Thanks to all who gave some info.. I think we are going to look in Mirdif.. So that being said, my long search for a place to live begins..


----------



## White Heat (Apr 2, 2008)

Shaye72 said:


> Thanks to all who gave some info.. I think we are going to look in Mirdif.. So that being said, my long search for a place to live begins..


Hi Shaye72,
Saw your post several days ago, I was unable to respond due to 'technical difficulties'.
I also live in Mirdif, and agree with Suid Afrikaner, it has good local shopping facilities, there are at least three nurseries here, and it is easy to get to Festival City, where there are shops like Ikea, Toy R Us etc. Everywhere in Dubai Is a compromise when it comes to accommodation, in Mirdif it is proximity to the airport, but honestly you do get used to it, and I am a light sleeper. I was lucky enough to find a four bedroom villa (it's a house really) for a bargain price, and I know of several others which are cheaper, so my advice would be get yourself a decent agent with good connections, property moves very quickly here. I wouldn't recommend and daily commute from Jumeirah to Mirdif. I hope this helps, and good luck with your move.


----------



## Pasanada (Feb 5, 2008)

Good luck, Shaye, let us know how you get on.


----------



## Lino (Sep 7, 2008)

Suid-Afrikaner said:


> For the past 10 months I've been living in Mirdif and it is a great area. It's relatively close to supermarkets, malls and clothing stores and restaurants with not much traffic problems most of the time, although you have to go some distance if you want to go to clubs but it has never been a problem either.
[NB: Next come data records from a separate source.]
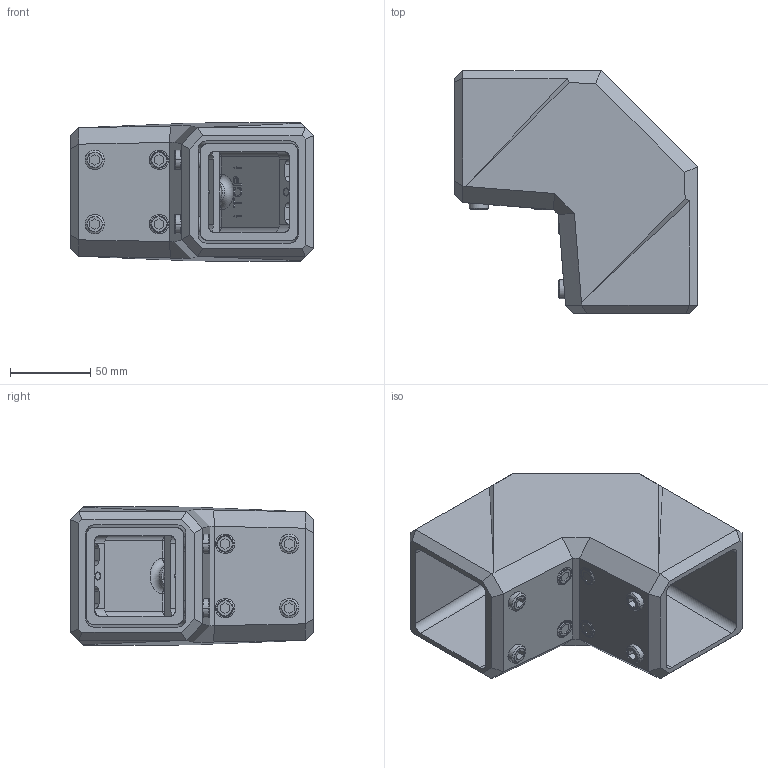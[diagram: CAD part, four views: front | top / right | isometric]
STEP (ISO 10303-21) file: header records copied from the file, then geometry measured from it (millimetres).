
FILE_DESCRIPTION((''),'2;1');
FILE_NAME('1016707000_ASM','2025-09-08T11:00:03',('silke.otte'),(''),'CREO PARAMETRIC BY PTC INC, 2022124','CREO PARAMETRIC BY PTC INC, 2022124','');
FILE_SCHEMA(('AUTOMOTIVE_DESIGN { 1 0 10303 214 1 1 1 1 }'));
Length unit declared in the file: millimetre
Products named in the file (10): 9324140000_AF0; 9620245000_ASM; 9620421000_ASM; 9263034000; 9324042000; 9231550000; 9805173000_ASM; 9261331000; 9231015000; 1016707000_ASM
Assembly tree (18 placements, depth 4):
  1016707000_ASM
    9620421000_ASM
      9620245000_ASM
        9324140000_AF0
    9263034000  x8
    9805173000_ASM
      9324042000
      9231550000
    9261331000  x2
    9231015000  x2
Bounding box: 151 x 151 x 86 mm (x, y, z)
Volume: 615223 mm3; surface area: 159417.2 mm2
Topology: 15 solids, 35 shells, 799 faces, 1984 edges, 1227 vertices
Faces by surface type: plane 489, cylinder 204, cone 68, bspline 24, torus 10, sphere 4
Entity records: 28358 total; most frequent: CARTESIAN_POINT 5386, DIRECTION 3024, ORIENTED_EDGE 2832, PRESENTATION_STYLE_ASSIGNMENT 1447, STYLED_ITEM 1447, CURVE_STYLE 1439, EDGE_CURVE 1420, VECTOR 1079

For that you can take a taxi anyway. It has kind of a small town or suburb feel, it's quiet (except for the flight path issue but you do get used to that). It's easy to feel at home there.


I'll be moving to Dubai in about 4 weeks and I'll be working in the Diera/Bur Dubai area. Can you tell me what kind of drive I can expect to get to that area from Mirdif? I've had absolutely no luck finding an agent who will actually send me any information on properties in Mirdif. Can you recommend anyone?


----------